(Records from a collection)

=== Section Start ===

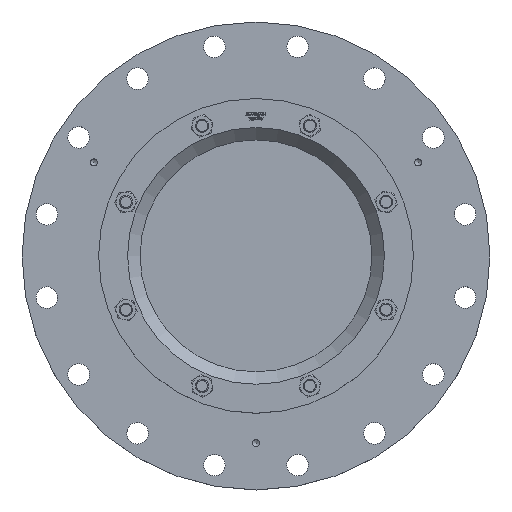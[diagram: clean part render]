
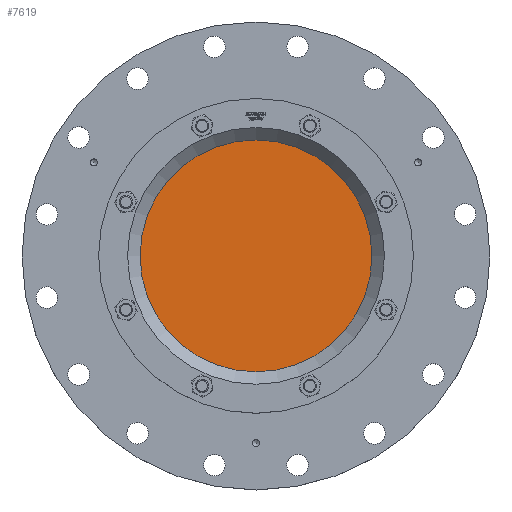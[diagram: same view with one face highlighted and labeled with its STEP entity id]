
A CAD part, top view. The second image highlights one B-rep face of the part: STEP entity #7619.
In plain terms, the highlighted planar face has unit normal (0, 0, 1).
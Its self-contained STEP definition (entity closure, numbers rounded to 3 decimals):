
#2243=FACE_OUTER_BOUND('',#2696,.T.);
#2696=EDGE_LOOP('',(#5262));
#3285=CIRCLE('',#8075,140.);
#3467=VERTEX_POINT('',#10148);
#4183=EDGE_CURVE('',#3467,#3467,#3285,.T.);
#5262=ORIENTED_EDGE('',*,*,#4183,.F.);
#7420=PLANE('',#8074);
#7619=ADVANCED_FACE('',(#2243),#7420,.F.);
#8074=AXIS2_PLACEMENT_3D('',#10147,#8603,#8604);
#8075=AXIS2_PLACEMENT_3D('',#10149,#8605,#8606);
#8603=DIRECTION('center_axis',(0.,0.,-1.));
#8604=DIRECTION('ref_axis',(-1.,0.,0.));
#8605=DIRECTION('center_axis',(0.,0.,-1.));
#8606=DIRECTION('ref_axis',(-1.,0.,0.));
#10147=CARTESIAN_POINT('Origin',(0.,0.,93.));
#10148=CARTESIAN_POINT('',(140.,0.,93.));
#10149=CARTESIAN_POINT('Origin',(0.,0.,93.));

=== Section End ===

Print out the entries once more, unchanged. No pictures.

[diagram: clean part render]
[diagram: same view with one face highlighted and labeled with its STEP entity id]
A CAD part, top view. The second image highlights one B-rep face of the part: STEP entity #7619.
In plain terms, the highlighted planar face has unit normal (0, 0, 1).
Its self-contained STEP definition (entity closure, numbers rounded to 3 decimals):
#2243=FACE_OUTER_BOUND('',#2696,.T.);
#2696=EDGE_LOOP('',(#5262));
#3285=CIRCLE('',#8075,140.);
#3467=VERTEX_POINT('',#10148);
#4183=EDGE_CURVE('',#3467,#3467,#3285,.T.);
#5262=ORIENTED_EDGE('',*,*,#4183,.F.);
#7420=PLANE('',#8074);
#7619=ADVANCED_FACE('',(#2243),#7420,.F.);
#8074=AXIS2_PLACEMENT_3D('',#10147,#8603,#8604);
#8075=AXIS2_PLACEMENT_3D('',#10149,#8605,#8606);
#8603=DIRECTION('center_axis',(0.,0.,-1.));
#8604=DIRECTION('ref_axis',(-1.,0.,0.));
#8605=DIRECTION('center_axis',(0.,0.,-1.));
#8606=DIRECTION('ref_axis',(-1.,0.,0.));
#10147=CARTESIAN_POINT('Origin',(0.,0.,93.));
#10148=CARTESIAN_POINT('',(140.,0.,93.));
#10149=CARTESIAN_POINT('Origin',(0.,0.,93.));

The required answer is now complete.